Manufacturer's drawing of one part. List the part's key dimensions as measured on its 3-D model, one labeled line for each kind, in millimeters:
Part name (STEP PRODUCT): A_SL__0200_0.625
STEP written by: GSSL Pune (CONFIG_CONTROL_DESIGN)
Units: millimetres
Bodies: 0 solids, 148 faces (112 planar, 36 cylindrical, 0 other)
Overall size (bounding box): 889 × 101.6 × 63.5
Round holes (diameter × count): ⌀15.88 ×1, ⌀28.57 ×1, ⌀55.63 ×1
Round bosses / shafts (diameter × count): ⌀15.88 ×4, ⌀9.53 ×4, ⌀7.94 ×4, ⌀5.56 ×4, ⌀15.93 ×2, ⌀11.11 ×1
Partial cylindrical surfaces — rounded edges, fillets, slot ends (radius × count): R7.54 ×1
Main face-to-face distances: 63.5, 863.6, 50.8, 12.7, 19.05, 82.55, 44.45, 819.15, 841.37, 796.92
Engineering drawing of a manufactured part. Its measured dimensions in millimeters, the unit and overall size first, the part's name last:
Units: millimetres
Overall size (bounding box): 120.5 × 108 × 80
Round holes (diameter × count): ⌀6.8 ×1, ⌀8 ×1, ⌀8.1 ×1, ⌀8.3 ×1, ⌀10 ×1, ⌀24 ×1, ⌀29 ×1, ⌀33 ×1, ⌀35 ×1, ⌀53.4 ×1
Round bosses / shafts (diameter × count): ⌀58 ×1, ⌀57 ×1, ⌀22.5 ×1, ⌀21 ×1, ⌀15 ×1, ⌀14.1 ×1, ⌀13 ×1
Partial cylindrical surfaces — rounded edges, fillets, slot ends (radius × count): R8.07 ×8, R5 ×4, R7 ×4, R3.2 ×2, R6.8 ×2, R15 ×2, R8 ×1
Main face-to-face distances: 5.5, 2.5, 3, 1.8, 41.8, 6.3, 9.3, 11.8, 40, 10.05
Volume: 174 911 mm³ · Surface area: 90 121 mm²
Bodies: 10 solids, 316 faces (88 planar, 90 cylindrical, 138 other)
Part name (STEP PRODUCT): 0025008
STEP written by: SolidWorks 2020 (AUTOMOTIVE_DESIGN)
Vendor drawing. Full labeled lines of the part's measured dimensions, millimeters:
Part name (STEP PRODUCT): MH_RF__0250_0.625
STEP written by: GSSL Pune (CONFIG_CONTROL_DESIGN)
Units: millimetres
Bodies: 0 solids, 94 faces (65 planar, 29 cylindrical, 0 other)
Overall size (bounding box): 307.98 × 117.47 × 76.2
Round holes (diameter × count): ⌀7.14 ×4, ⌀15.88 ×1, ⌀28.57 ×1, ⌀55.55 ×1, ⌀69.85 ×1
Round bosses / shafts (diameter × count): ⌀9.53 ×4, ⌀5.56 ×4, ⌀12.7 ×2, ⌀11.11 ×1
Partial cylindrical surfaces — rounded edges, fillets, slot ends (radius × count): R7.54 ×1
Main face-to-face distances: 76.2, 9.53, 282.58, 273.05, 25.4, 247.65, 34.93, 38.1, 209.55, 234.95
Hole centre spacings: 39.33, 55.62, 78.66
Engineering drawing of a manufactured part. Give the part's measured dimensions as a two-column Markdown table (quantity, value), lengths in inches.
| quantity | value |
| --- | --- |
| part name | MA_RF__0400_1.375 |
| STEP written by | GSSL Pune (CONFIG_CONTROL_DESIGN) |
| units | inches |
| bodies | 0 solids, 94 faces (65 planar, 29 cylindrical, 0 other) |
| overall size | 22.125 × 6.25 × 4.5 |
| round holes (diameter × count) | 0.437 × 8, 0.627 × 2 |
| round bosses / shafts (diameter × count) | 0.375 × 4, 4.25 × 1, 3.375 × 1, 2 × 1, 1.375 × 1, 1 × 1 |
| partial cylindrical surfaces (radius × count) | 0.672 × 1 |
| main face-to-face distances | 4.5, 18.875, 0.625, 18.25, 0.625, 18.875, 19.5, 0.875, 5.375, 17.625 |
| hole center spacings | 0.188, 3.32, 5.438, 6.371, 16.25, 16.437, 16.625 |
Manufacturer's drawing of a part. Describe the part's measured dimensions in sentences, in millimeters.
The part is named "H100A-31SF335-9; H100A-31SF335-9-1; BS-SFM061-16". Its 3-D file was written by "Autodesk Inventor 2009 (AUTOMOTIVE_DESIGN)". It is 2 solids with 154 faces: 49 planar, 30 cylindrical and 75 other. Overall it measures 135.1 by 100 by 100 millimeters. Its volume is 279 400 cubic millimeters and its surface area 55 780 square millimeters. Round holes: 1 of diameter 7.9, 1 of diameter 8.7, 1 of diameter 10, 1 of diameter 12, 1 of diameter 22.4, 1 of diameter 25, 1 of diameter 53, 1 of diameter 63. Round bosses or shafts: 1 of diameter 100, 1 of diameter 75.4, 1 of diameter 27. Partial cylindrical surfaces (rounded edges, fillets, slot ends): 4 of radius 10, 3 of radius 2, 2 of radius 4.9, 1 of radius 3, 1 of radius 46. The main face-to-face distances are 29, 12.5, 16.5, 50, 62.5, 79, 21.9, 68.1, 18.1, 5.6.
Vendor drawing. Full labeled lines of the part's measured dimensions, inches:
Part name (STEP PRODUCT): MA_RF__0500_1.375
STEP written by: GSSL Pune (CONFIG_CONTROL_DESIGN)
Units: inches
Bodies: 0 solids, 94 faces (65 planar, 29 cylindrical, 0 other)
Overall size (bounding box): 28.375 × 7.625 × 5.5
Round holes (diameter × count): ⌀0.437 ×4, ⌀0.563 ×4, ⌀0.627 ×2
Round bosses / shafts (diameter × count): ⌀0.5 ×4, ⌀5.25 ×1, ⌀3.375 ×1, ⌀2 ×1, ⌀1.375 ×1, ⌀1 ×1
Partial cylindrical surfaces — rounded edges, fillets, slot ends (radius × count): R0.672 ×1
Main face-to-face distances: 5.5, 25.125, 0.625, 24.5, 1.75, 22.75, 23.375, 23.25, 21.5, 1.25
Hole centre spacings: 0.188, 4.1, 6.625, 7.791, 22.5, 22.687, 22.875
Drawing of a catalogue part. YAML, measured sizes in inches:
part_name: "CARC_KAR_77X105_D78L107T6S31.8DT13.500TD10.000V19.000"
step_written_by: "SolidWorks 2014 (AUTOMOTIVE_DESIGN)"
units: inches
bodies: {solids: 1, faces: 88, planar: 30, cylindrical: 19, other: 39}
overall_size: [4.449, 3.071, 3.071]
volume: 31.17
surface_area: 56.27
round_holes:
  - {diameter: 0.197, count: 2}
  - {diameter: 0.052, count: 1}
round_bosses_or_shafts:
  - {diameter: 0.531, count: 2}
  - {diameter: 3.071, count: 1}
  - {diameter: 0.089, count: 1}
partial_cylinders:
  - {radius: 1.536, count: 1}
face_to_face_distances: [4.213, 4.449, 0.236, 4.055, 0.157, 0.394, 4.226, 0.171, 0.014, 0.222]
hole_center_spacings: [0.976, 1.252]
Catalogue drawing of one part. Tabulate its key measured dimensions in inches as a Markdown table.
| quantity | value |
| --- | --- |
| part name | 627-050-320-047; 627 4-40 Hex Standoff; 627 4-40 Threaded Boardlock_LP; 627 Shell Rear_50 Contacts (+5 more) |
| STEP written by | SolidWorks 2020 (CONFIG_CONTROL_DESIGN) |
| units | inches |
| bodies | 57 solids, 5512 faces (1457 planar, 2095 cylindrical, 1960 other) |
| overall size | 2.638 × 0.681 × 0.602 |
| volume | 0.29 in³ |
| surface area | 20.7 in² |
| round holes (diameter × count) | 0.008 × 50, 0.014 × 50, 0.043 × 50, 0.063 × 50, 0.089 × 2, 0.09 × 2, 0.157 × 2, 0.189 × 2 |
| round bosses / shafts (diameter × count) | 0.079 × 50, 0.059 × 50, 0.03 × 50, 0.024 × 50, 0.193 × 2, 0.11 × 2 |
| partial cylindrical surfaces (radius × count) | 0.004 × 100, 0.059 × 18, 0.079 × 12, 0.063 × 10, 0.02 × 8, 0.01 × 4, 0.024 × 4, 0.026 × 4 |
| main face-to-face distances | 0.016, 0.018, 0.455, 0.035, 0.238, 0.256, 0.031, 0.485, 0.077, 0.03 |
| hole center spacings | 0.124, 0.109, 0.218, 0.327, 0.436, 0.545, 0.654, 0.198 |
···
If a line in the material contains "inches", show it.

Engineering drawing of a manufactured part. Give the part's measured dimensions as a two-column Markdown table (quantity, value), lengths in inches.
| units | inches |
Vendor drawing. Full labeled lines of the part's measured dimensions, inches:
Units: inches
Drawing of a catalogue part. YAML, measured sizes in inches:
units: inches
Catalogue drawing of one part. Tabulate its key measured dimensions in inches as a Markdown table.
| units | inches |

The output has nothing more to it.